■ Directions for this task: Where does the word "blocks" appear in the entries below? Copy each line that holds it.

(Records from a collection)
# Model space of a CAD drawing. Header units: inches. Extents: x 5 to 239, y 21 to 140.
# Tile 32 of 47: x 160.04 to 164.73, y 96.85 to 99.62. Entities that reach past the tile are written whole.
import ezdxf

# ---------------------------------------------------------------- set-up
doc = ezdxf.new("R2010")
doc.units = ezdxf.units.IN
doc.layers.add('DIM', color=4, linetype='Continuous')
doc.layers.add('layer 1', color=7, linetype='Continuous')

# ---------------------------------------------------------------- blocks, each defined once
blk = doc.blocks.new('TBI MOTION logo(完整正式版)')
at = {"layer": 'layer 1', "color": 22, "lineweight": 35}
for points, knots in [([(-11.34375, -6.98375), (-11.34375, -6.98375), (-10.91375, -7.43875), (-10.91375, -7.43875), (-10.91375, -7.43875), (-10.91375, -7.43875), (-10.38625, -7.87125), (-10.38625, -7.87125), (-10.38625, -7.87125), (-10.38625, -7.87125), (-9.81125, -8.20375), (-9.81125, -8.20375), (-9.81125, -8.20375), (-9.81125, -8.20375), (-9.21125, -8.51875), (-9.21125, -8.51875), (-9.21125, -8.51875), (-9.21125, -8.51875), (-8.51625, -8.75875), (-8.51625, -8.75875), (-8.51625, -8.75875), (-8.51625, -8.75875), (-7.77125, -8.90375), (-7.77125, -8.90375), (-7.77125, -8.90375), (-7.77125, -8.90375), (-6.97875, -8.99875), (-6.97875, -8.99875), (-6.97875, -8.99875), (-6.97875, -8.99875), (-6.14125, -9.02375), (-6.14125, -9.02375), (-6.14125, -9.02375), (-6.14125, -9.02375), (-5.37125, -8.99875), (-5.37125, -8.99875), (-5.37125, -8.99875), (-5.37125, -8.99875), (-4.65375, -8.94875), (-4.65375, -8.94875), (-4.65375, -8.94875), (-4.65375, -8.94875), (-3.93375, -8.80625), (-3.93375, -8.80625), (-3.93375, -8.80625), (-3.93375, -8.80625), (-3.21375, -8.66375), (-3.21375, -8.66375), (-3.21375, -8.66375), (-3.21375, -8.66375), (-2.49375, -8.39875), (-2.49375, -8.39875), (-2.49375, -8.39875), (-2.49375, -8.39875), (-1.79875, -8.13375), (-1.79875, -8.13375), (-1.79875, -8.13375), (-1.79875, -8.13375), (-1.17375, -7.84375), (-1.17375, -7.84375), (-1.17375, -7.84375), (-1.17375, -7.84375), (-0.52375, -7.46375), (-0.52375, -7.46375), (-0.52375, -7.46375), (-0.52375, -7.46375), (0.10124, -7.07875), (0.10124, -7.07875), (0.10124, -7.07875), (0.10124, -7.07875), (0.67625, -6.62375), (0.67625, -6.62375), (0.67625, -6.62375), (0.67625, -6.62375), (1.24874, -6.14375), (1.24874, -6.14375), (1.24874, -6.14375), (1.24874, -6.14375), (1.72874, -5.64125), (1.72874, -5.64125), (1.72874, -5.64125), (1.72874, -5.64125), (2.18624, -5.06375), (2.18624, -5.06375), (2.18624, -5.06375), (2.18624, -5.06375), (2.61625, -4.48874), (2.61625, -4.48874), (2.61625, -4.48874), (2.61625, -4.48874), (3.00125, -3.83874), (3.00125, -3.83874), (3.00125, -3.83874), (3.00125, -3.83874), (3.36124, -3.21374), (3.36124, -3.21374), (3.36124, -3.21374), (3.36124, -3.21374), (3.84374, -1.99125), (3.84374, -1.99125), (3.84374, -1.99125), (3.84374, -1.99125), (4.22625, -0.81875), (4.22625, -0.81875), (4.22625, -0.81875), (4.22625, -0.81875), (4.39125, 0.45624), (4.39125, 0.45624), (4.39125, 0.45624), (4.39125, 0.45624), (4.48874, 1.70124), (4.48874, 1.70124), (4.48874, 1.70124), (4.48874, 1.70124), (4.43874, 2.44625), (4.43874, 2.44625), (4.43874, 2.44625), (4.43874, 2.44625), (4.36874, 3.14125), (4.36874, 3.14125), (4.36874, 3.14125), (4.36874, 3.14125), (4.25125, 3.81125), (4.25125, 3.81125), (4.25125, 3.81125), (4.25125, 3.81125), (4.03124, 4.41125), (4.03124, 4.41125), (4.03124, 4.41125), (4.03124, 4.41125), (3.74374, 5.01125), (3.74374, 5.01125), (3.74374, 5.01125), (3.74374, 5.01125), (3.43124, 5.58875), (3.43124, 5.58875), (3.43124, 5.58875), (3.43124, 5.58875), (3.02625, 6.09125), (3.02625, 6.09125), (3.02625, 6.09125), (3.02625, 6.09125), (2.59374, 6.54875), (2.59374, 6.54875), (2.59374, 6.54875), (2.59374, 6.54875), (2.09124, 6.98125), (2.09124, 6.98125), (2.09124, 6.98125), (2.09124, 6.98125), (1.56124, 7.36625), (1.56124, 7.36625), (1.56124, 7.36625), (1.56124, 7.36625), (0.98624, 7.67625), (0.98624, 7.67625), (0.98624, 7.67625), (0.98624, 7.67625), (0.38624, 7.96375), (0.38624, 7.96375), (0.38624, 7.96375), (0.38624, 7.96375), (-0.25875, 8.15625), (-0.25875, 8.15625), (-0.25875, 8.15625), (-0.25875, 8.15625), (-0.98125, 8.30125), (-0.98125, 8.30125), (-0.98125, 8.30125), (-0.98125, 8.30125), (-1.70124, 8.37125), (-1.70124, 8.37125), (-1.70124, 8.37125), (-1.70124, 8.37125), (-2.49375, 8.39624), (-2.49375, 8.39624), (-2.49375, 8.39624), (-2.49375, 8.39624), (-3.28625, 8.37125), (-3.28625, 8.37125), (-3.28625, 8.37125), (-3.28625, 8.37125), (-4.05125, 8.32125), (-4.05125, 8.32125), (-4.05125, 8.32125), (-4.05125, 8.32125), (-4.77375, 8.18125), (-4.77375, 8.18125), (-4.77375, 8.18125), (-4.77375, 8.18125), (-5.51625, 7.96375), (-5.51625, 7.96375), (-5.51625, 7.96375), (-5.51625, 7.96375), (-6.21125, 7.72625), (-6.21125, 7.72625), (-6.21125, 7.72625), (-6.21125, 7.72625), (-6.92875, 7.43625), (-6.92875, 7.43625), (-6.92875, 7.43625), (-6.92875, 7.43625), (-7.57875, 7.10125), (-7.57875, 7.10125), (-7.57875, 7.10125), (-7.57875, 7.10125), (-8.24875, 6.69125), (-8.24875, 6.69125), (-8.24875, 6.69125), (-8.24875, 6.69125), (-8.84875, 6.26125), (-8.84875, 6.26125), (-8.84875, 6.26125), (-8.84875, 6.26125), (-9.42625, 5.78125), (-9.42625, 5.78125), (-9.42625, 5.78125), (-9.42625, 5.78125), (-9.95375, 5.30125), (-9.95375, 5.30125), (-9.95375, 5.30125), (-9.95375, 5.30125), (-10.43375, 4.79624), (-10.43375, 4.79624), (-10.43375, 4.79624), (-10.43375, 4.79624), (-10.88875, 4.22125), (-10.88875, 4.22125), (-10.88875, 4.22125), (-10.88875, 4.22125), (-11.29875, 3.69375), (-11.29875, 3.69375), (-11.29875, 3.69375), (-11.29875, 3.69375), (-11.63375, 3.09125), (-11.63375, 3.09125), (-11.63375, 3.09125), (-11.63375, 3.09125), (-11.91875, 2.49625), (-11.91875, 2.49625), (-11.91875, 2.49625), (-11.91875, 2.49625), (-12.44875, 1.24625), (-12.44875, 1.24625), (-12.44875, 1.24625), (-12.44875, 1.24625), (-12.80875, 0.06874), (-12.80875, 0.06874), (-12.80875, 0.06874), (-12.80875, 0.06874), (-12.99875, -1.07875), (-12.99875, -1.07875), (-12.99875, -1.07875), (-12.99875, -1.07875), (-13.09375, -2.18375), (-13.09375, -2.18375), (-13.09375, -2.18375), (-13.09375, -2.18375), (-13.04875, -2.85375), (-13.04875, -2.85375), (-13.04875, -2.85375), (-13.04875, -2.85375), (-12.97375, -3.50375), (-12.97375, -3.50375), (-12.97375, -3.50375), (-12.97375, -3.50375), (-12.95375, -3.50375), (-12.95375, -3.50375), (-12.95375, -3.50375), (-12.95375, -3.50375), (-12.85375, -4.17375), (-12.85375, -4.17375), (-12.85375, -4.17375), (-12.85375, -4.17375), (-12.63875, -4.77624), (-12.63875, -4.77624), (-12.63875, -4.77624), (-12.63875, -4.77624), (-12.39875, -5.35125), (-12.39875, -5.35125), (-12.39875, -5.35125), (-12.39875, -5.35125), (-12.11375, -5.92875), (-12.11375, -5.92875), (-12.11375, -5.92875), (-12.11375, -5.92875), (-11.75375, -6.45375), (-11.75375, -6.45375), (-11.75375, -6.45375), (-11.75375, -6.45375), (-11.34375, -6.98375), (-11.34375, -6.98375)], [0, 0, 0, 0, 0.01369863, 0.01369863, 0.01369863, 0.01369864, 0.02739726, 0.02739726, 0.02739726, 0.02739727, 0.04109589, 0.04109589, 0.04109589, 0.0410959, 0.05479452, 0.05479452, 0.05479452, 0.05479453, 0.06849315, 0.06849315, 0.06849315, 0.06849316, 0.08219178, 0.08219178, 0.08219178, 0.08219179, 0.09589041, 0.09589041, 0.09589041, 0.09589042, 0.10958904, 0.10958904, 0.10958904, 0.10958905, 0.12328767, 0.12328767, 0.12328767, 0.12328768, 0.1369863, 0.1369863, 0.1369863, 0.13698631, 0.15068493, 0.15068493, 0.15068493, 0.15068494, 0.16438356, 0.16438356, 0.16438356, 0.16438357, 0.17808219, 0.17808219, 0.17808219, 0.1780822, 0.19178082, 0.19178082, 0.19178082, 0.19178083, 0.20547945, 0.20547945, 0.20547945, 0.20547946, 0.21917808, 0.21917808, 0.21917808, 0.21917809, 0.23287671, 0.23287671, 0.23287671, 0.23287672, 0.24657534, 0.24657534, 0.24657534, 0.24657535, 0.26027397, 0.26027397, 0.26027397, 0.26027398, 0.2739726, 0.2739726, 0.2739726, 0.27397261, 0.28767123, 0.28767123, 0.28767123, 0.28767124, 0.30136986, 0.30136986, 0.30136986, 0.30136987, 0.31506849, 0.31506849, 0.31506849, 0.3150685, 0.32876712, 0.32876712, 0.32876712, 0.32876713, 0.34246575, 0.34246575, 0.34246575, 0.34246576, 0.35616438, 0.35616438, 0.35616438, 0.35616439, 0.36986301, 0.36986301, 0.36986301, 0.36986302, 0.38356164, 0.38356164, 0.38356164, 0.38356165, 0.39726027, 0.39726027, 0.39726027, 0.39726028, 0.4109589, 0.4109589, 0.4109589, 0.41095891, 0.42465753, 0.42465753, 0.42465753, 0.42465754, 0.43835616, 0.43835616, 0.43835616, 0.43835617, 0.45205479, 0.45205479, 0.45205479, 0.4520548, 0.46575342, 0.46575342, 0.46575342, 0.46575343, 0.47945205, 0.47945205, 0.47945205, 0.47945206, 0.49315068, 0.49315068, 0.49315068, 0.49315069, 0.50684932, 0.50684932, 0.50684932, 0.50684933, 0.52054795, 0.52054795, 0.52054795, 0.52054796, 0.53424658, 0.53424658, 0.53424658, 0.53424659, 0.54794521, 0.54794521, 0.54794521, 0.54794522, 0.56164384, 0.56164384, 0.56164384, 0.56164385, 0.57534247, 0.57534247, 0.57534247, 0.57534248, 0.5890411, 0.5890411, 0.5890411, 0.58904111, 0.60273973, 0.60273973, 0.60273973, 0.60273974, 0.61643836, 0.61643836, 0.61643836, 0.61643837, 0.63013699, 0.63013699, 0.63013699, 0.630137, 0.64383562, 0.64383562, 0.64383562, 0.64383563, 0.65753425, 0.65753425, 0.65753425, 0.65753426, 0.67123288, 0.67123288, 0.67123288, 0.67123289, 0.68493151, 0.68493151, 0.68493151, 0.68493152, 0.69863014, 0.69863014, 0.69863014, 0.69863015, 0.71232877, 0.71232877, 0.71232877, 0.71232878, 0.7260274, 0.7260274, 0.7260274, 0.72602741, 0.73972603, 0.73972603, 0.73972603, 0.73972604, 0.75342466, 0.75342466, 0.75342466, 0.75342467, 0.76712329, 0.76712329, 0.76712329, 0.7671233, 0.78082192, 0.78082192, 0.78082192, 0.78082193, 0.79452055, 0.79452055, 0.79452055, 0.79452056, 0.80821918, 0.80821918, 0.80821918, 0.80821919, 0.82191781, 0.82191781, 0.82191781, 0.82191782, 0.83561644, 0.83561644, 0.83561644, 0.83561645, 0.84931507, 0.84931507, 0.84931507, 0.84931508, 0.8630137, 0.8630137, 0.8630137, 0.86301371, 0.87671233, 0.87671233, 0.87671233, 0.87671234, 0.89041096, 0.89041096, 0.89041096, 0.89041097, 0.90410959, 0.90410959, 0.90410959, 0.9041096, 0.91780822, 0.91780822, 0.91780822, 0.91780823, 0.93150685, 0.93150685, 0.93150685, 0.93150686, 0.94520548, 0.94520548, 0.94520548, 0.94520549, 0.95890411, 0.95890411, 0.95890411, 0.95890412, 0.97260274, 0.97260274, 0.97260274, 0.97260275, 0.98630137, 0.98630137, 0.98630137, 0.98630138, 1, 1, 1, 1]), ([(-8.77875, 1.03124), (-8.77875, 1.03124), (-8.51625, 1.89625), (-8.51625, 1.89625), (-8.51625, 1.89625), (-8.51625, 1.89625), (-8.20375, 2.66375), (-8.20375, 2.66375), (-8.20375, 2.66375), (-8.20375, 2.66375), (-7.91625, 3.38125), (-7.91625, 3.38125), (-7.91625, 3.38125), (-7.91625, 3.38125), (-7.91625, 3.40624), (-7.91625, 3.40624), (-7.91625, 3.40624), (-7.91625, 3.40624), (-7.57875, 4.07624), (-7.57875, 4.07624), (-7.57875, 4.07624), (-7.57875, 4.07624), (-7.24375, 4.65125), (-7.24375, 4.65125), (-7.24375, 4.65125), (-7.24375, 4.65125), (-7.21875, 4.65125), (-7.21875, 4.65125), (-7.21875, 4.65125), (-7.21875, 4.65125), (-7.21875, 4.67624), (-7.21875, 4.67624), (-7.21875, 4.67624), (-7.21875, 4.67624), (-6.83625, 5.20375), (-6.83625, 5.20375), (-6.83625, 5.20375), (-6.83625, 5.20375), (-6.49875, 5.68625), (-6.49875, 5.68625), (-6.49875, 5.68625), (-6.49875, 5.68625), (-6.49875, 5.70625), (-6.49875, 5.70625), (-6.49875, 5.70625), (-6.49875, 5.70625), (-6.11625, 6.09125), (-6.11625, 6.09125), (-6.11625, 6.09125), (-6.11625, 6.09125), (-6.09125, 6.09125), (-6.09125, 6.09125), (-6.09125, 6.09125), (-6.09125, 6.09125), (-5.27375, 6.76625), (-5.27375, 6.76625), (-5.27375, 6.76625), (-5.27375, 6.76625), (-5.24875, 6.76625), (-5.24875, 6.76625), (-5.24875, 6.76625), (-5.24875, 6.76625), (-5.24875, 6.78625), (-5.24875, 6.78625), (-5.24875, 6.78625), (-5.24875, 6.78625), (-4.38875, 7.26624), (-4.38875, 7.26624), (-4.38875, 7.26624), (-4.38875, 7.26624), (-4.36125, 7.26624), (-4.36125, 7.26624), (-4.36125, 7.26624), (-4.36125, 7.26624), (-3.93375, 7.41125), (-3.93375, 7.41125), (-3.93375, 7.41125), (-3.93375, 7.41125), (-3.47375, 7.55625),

■ Written solution:
# ---------------------------------------------------------------- blocks, each defined once
blk = doc.blocks.new('TBI MOTION logo(完整正式版)')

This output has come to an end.